Kristoffer Magnusson's Interactive Visualizations https://rpsychologist.com/d3/nhst/ Previously recommended in Chapter 16 — now even more relevant. This interactive tool lets you adjust effect sizes, sample sizes, and significance levels, and see in real time how power, p-values, and the overlap between distributions change. The "Understanding Statistical Power" module at https://rpsychologist.com/d3/nhst/ is the single best tool for building intuition about this chapter's concepts.

Kristoffer Magnusson's Cohen's d Visualization https://rpsychologist.com/cohend/ An interactive tool specifically for understanding Cohen's d. You can set the effect size and see the distribution overlap, the probability of superiority, and the number needed to treat. Drag the slider from $d = 0$ to $d = 2$ and watch the distributions separate.

G*Power (Free Power Analysis Software) https://www.psychologie.hhu.de/arbeitsgruppen/allgemeine-psychologie-und-arbeitspsychologie/gpower A widely used free application for conducting power analyses for many types of statistical tests. GPower has a graphical interface, supports all common tests (t-tests, ANOVA, chi-square, regression), and can generate publication-quality power curves.

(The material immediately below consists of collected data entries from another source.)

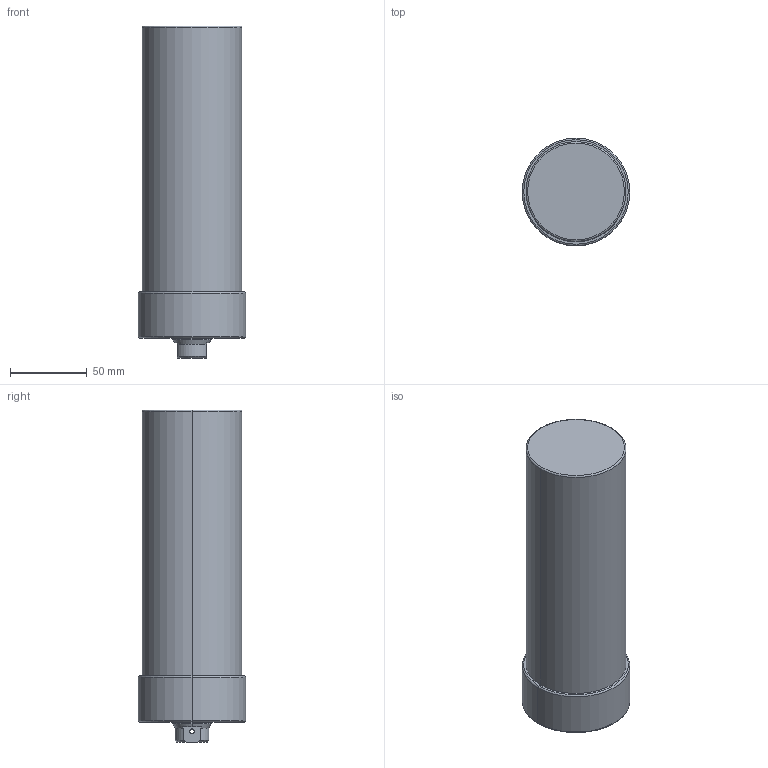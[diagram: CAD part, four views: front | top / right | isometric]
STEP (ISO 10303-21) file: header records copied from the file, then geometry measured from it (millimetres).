
FILE_DESCRIPTION (( 'STEP AP203' ), '1' );
FILE_NAME ('CLLU-065GB-140.STEP', '2020-01-07T06:48:50', ( '' ), ( '' ), 'SwSTEP 2.0', 'SolidWorks 2015', '' );
FILE_SCHEMA (( 'CONFIG_CONTROL_DESIGN' ));
Length unit declared in the file: millimetre
Products named in the file (1): CLLU-065GB-140
Bounding box: 70 x 70 x 216 mm (x, y, z)
Volume: 689892.1 mm3; surface area: 52408.5 mm2
Topology: 1 solids, 1 shells, 66 faces, 154 edges, 87 vertices
Faces by surface type: cylinder 26, cone 24, plane 10, torus 6
Entity records: 2001 total; most frequent: CARTESIAN_POINT 430, DIRECTION 342, ORIENTED_EDGE 288, EDGE_CURVE 144, AXIS2_PLACEMENT_3D 143, VERTEX_POINT 87, EDGE_LOOP 77, CIRCLE 76

If you want to move beyond Python's statsmodels for power analysis, GPower is the standard.

Seeing Theory — Statistical Power Module https://seeing-theory.brown.edu/frequentist-inference/ Brown University's interactive visualization platform includes a module on hypothesis testing that beautifully illustrates the relationship between the null distribution, the alternative distribution, $\alpha$, $\beta$, and power. Watch how changing the effect size or sample size shifts the alternative distribution and changes the power.

Video Resources

StatQuest with Josh Starmer: "Statistical Power, Clearly Explained" (YouTube) Josh Starmer's characteristically energetic walkthrough of statistical power. The visualization of the null and alternative distributions, with the rejection region and the power shaded, is one of the clearest explanations available. Watch this alongside Section 17.6 for maximum understanding.

StatQuest: "Effect Size, Clearly Explained" (YouTube) A companion video covering Cohen's d with visual intuition. Starmer shows how effect size is independent of sample size and why it's essential for interpreting test results.

3Blue1Brown: "Bayes Theorem" (YouTube) While not directly about effect sizes, Grant Sanderson's explanation of Bayes' theorem is essential for understanding false discovery rates and why so many "significant" findings are false (Section 17.10). The visual approach makes the connection between base rates, power, and false positives immediately intuitive.

Crash Course Statistics: "P-Hacking: Crash Course Statistics #30" (YouTube) A fast-paced, entertaining overview of p-hacking with clear examples. Good for reinforcing the concepts from Section 17.9 in a different format.

Daniel Lakens's Coursera Course: "Improving Your Statistical Inferences" https://www.coursera.org/learn/statistical-inferences A free online course by one of the leading experts on effect sizes and statistical reform. The modules on effect sizes, power analysis, and the replication crisis go well beyond what's covered in this chapter. Highly recommended for students who want to develop advanced critical thinking about statistical evidence.

Software Documentation

statsmodels: TTestIndPower https://www.statsmodels.org/stable/generated/statsmodels.stats.power.TTestIndPower.html The power analysis class used throughout this chapter. Supports solving for any one of the four parameters (effect size, sample size, power, $\alpha$) given the other three. Also supports power curve plotting via the .plot_power() method.

statsmodels: NormalIndPower https://www.statsmodels.org/stable/generated/statsmodels.stats.power.NormalIndPower.html Power analysis for z-tests, used for proportion comparisons (James's bail study, Sam's shooting analysis). Same solve-for-any-parameter interface as TTestIndPower.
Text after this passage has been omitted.